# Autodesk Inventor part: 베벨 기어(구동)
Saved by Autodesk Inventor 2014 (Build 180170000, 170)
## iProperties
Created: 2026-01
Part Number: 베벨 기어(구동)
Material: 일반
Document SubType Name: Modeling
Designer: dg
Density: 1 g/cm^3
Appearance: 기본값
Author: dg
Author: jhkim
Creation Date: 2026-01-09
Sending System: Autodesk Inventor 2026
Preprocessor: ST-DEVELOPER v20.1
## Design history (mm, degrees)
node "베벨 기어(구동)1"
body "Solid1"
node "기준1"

------------

Having read the material, set all of it down again without a single difference.

# Autodesk Inventor part: 베벨 기어(구동)
Saved by Autodesk Inventor 2014 (Build 180170000, 170)
## iProperties
Created: 2026-01
Part Number: 베벨 기어(구동)
Material: 일반
Document SubType Name: Modeling
Designer: dg
Density: 1 g/cm^3
Appearance: 기본값
Author: dg
Author: jhkim
Creation Date: 2026-01-09
Sending System: Autodesk Inventor 2026
Preprocessor: ST-DEVELOPER v20.1
## Design history (mm, degrees)
node "베벨 기어(구동)1"
body "Solid1"
node "기준1"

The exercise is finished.